После того как недоразумение прояснилось, электронные собеседники задумались над вопросом, как решать подобную проблему в будущем. Речь шла о том, чтобы найти символ, которым можно было бы обозначать шуточные сообщения. Были предложения использовать * или %. Какое-то время использовался и знак #, символизировавший, по мнению его автора, обнаженные в улыбке зубы.

Однако наиболее зажигательная идея осенила программиста Скотта Фальмана. Он предложил две комбинации знаков, ставшие позднее общепринятыми по всему миру и с тех пор многократно менявшиеся и дополнявшиеся. Их нужно было читать "сбоку", и они должны были символизировать улыбающееся и серьёзное лица: :-) и :-(. Таким образом, первый Emoticon или «смайлик» появился на свет 19 сентября 1982, - ровно 23 года назад.

"К несчастью, я не сохранил копии", - пишет Фальман на своей домашней страничке. - "А когда потом сообразил, что этот смайл-феномен превратился в общеупотребительную формулу, уже не мог найти это сообщение". Но группе программистов во главе с сотрудником Microsoft Майком Джонсом и при помощи сотрудников CMU, всё-таки удалось найти сообщение с прародителем всех современных смайликов на одной из старых бэкап-лент.

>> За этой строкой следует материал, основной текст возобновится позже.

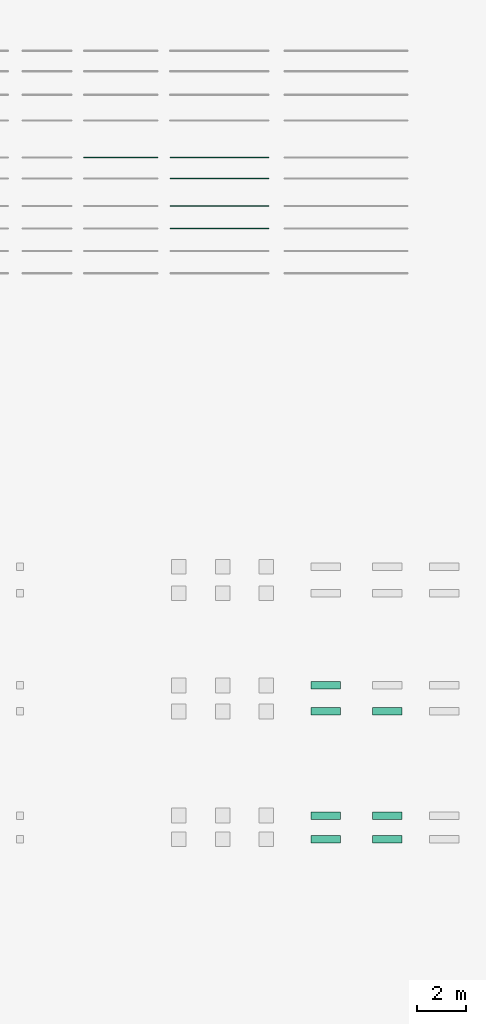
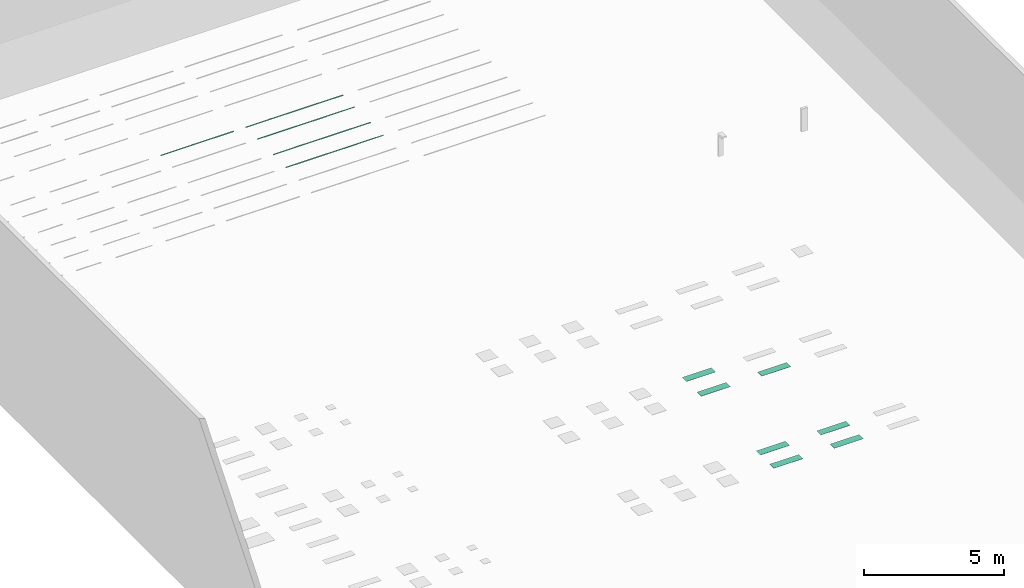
# One storey, part 8 of 197: 12 flow terminals.
"""IFC2X3 building model written with IfcOpenShell, lengths in metres."""

from ifc_helpers import new_model, entity, si_unit, converted_unit, direction, frame, frame_2d, origin, origin_2d_with_axis, place, context, subcontext, project, spatial, polyline, rectangle, circle, outline, extrude, source, transform, mapped, material, material_list, type_object, type_shapes, element, save


model = new_model("IFC2X3")

# Units and contexts
model_context = context("Model", 3, precision=1e-05, world=origin(), true_north=direction((6.123031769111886e-17, 1.0)))
body_context = subcontext(model_context, "Body", "Model", "MODEL_VIEW")
ifc_project = project(units=[si_unit("LENGTHUNIT", "METRE"), converted_unit("PLANEANGLEUNIT", "DEGREE", entity("IfcPlaneAngleMeasure", 0.017453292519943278), si_unit("PLANEANGLEUNIT", "RADIAN"), dimensions=[0, 0, 0, 0, 0, 0, 0]), si_unit("AREAUNIT", "SQUARE_METRE")], contexts=[model_context])

# Site, building, storey
site_placement = place(None, origin())
site = spatial("IfcSite", under=ifc_project, at=site_placement, Name="Default", CompositionType="ELEMENT")
building_placement = place(site_placement, origin())
building = spatial("IfcBuilding", under=site, at=building_placement, CompositionType="ELEMENT")
storey_placement = place(building_placement, origin())
storey = spatial("IfcBuildingStorey", under=building, at=storey_placement, Name="Niveau 0", CompositionType="ELEMENT", Elevation=0.0)

# Flow terminals
ifc_material_1 = material(Name="BETCE-DIFFUSEUR-BLANC")
ifc_material_2 = material(Name="<Unnamed>")
ifc_material_list_1 = material_list([ifc_material_1, ifc_material_2])
light_fixture_type_1 = type_object("IfcLightFixtureType", Name="Profilé alu sailli_suspendu_engravure-20X20:PROF-SAILLIE -3M", PredefinedType="NOTDEFINED", material=ifc_material_list_1)
shared_shape_1 = source(origin(), body_context, "Body", "SweptSolid", [
    extrude(rectangle(XDim=2.9959999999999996, YDim=0.018935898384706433, at=origin_2d_with_axis()), frame((0.0, 0.0, 1.4999999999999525), z_axis=(0.0, 0.0, 1.0), x_axis=(-1.0, 0.0, 0.0)), (0.0, 0.0, 1.0), 0.0008000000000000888),
    extrude(outline(polyline([(0.004349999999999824, -0.009467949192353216), (0.0051499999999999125, -0.009467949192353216), (0.0051499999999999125, 0.009467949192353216), (0.004349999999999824, 0.009467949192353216), (0.004349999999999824, 0.010467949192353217), (-0.0138500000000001, 0.010467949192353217), (-0.0138500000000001, -0.010467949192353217), (0.004349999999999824, -0.010467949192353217), (0.004349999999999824, -0.009467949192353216)])), frame((1.4979999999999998, 0.0, 1.5051499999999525), z_axis=(1.0, 0.0, 0.0), x_axis=(0.0, 0.0, -1.0)), (0.0, 0.0, 1.0), 0.0020000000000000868),
    extrude(outline(polyline([(0.009467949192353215, -0.004349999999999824), (0.010467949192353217, -0.004349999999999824), (0.010467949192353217, 0.0138500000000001), (-0.010467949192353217, 0.0138500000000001), (-0.010467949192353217, -0.004349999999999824), (-0.009467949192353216, -0.004349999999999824), (-0.009467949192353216, -0.0051499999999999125), (0.009467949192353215, -0.0051499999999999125), (0.009467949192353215, -0.004349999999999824)])), frame((-1.4999999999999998, 0.0, 1.5051499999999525), z_axis=(1.0, 0.0, 0.0), x_axis=(0.0, 1.0, 0.0)), (0.0, 0.0, 1.0), 0.0020000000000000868),
    extrude(outline(polyline([(-0.012292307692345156, -0.011500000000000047), (0.007707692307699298, -0.011500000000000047), (0.007707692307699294, -0.009467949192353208), (0.0069076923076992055, -0.009467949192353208), (0.006907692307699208, -0.010467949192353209), (-0.011292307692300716, -0.010467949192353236), (-0.011292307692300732, 0.0), (-0.011292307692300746, 0.010467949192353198), (0.006907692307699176, 0.010467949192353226), (0.006907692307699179, 0.009467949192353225), (0.0077076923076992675, 0.009467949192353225), (0.007707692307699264, 0.011500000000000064), (-0.012292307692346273, 0.011500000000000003), (-0.012292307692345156, -0.011500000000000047)])), frame((-1.4999999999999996, 0.0, 1.5077076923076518), z_axis=(1.0, 0.0, 0.0), x_axis=(0.0, 0.0, -1.0)), (0.0, 0.0, 1.0), 2.9999999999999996),
    extrude(circle(Radius=0.0019999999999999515, at=frame_2d((1.5388467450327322e-29, 0.0), x_axis=(1.0, 0.0))), frame((-1.3999999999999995, 0.0, 1.5199999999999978), z_axis=(0.0, 0.0, 1.0), x_axis=(0.0, -1.0, 0.0)), (0.0, 0.0, 1.0), 0.0010000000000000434),
    extrude(circle(Radius=0.0019999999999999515, at=frame_2d((-4.123551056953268e-20, 0.0), x_axis=(1.0, 0.0))), frame((1.4000000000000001, 0.0, 1.5199999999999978), z_axis=(0.0, 0.0, 1.0), x_axis=(0.0, -1.0, 0.0)), (0.0, 0.0, 1.0), 0.0010000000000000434),
])
type_shapes(light_fixture_type_1, [shared_shape_1])
flow_terminal_1_placement = place(storey_placement, frame((-527.4987105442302, 64.29268111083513, 0.0)))
element("IfcFlowTerminal", 1, at=flow_terminal_1_placement, inside=storey, type_object=light_fixture_type_1, material=ifc_material_list_1, Name="Profilé alu sailli_suspendu_engravure-20X20:PROF-SAILLIE -3M", ObjectType="Profilé alu sailli_suspendu_engravure-20X20:PROF-SAILLIE -3M", context=body_context, shape_type="MappedRepresentation", body=[
    mapped(shared_shape_1, transform((0.0, 0.0, 0.0), scale=1.0)),
])
light_fixture_type_2 = type_object("IfcLightFixtureType", Name="Profilé alu sailli_suspendu_engravure-20X20:PROF-SAILLIE -4M", PredefinedType="NOTDEFINED", material=ifc_material_list_1)
shared_shape_2 = source(origin(), body_context, "Body", "SweptSolid", [
    extrude(rectangle(XDim=3.9959999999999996, YDim=0.018935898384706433, at=origin_2d_with_axis()), frame((0.0, 0.0, 1.4999999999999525), z_axis=(0.0, 0.0, 1.0), x_axis=(-1.0, 0.0, 0.0)), (0.0, 0.0, 1.0), 0.0008000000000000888),
    extrude(outline(polyline([(0.004349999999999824, -0.009467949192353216), (0.0051499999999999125, -0.009467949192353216), (0.0051499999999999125, 0.009467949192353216), (0.004349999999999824, 0.009467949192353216), (0.004349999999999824, 0.010467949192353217), (-0.0138500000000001, 0.010467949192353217), (-0.0138500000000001, -0.010467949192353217), (0.004349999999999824, -0.010467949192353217), (0.004349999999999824, -0.009467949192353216)])), frame((1.998, 0.0, 1.5051499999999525), z_axis=(1.0, 0.0, 0.0), x_axis=(0.0, 0.0, -1.0)), (0.0, 0.0, 1.0), 0.0020000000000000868),
    extrude(outline(polyline([(0.009467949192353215, -0.004349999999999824), (0.010467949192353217, -0.004349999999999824), (0.010467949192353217, 0.0138500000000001), (-0.010467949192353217, 0.0138500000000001), (-0.010467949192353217, -0.004349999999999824), (-0.009467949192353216, -0.004349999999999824), (-0.009467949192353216, -0.0051499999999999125), (0.009467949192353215, -0.0051499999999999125), (0.009467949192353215, -0.004349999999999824)])), frame((-2.0, 0.0, 1.5051499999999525), z_axis=(1.0, 0.0, 0.0), x_axis=(0.0, 1.0, 0.0)), (0.0, 0.0, 1.0), 0.0020000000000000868),
    extrude(outline(polyline([(-0.012292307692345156, -0.011500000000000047), (0.007707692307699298, -0.011500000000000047), (0.007707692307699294, -0.009467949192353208), (0.0069076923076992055, -0.009467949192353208), (0.006907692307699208, -0.010467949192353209), (-0.011292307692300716, -0.010467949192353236), (-0.011292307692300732, 0.0), (-0.011292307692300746, 0.010467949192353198), (0.006907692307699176, 0.010467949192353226), (0.006907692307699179, 0.009467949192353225), (0.0077076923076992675, 0.009467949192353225), (0.007707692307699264, 0.011500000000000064), (-0.012292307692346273, 0.011500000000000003), (-0.012292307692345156, -0.011500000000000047)])), frame((-2.0, 0.0, 1.5077076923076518), z_axis=(1.0, 0.0, 0.0), x_axis=(0.0, 0.0, -1.0)), (0.0, 0.0, 1.0), 3.9999999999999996),
    extrude(circle(Radius=0.0019999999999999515, at=frame_2d((1.5388467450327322e-29, 0.0), x_axis=(1.0, 0.0))), frame((-1.8999999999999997, 0.0, 1.5199999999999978), z_axis=(0.0, 0.0, 1.0), x_axis=(0.0, -1.0, 0.0)), (0.0, 0.0, 1.0), 0.0010000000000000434),
    extrude(circle(Radius=0.0019999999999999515, at=frame_2d((-4.123551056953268e-20, 0.0), x_axis=(1.0, 0.0))), frame((1.9000000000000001, 0.0, 1.5199999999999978), z_axis=(0.0, 0.0, 1.0), x_axis=(0.0, -1.0, 0.0)), (0.0, 0.0, 1.0), 0.0010000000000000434),
])
type_shapes(light_fixture_type_2, [shared_shape_2])
flow_terminal_2_placement = place(storey_placement, frame((-523.4967105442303, 64.29268111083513, 0.0)))
element("IfcFlowTerminal", 2, at=flow_terminal_2_placement, inside=storey, type_object=light_fixture_type_2, material=ifc_material_list_1, Name="Profilé alu sailli_suspendu_engravure-20X20:PROF-SAILLIE -4M", ObjectType="Profilé alu sailli_suspendu_engravure-20X20:PROF-SAILLIE -4M", context=body_context, shape_type="MappedRepresentation", body=[
    mapped(shared_shape_2, transform((0.0, 0.0, 0.0), scale=1.0)),
])
light_fixture_type_3 = type_object("IfcLightFixtureType", Name="Profilé alu sailli_suspendu_engravure-20X20:PROF-SAILLIE DALI -4M", PredefinedType="NOTDEFINED", material=ifc_material_list_1)
shared_shape_3 = source(origin(), body_context, "Body", "SweptSolid", [
    extrude(rectangle(XDim=3.9959999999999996, YDim=0.018935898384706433, at=origin_2d_with_axis()), frame((0.0, 0.0, 1.4999999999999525), z_axis=(0.0, 0.0, 1.0), x_axis=(-1.0, 0.0, 0.0)), (0.0, 0.0, 1.0), 0.0008000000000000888),
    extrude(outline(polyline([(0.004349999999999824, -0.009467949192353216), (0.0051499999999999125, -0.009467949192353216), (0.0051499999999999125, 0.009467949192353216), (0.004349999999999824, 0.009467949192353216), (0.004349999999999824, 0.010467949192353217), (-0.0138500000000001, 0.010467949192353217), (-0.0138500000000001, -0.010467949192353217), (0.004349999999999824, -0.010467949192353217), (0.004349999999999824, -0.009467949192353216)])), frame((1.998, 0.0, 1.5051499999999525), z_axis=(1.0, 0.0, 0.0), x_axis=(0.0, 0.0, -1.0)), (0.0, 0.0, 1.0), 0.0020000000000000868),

Смайл - это и есть как раз то имя, которым Фальман "окрестил" свое изобретение. "Emoticon - "гротескное имя", - сказал он в одном из газетных интервью. - "Я предпочитаю название "смайл". За первоначальным смайлом последовали более 2000 измененённых сочетаний знаков, при помощи которых в миллионах e-mail смеялись, ругались, подмигивали и рыдали.

История российского изобретателя улыбки

Виктор Петров — в прошлом военный, офицер запаса (служил в ВМФ), ныне пенсионер.

В апреле 1999 года Петров подал заявку на изобретение и спустя полтора года получил патент РФ № 2160608. Изобретение официально называется так: «Способ направленной регуляции психоэмоционального состояния человека».

В 2002 году Петров написал письмо в российский филиал компании «Сименс», в котором сообщил, что в телефонах их марки используется его изобретение. Предложил сотрудничество. Но ответа не дождался и подал в суд.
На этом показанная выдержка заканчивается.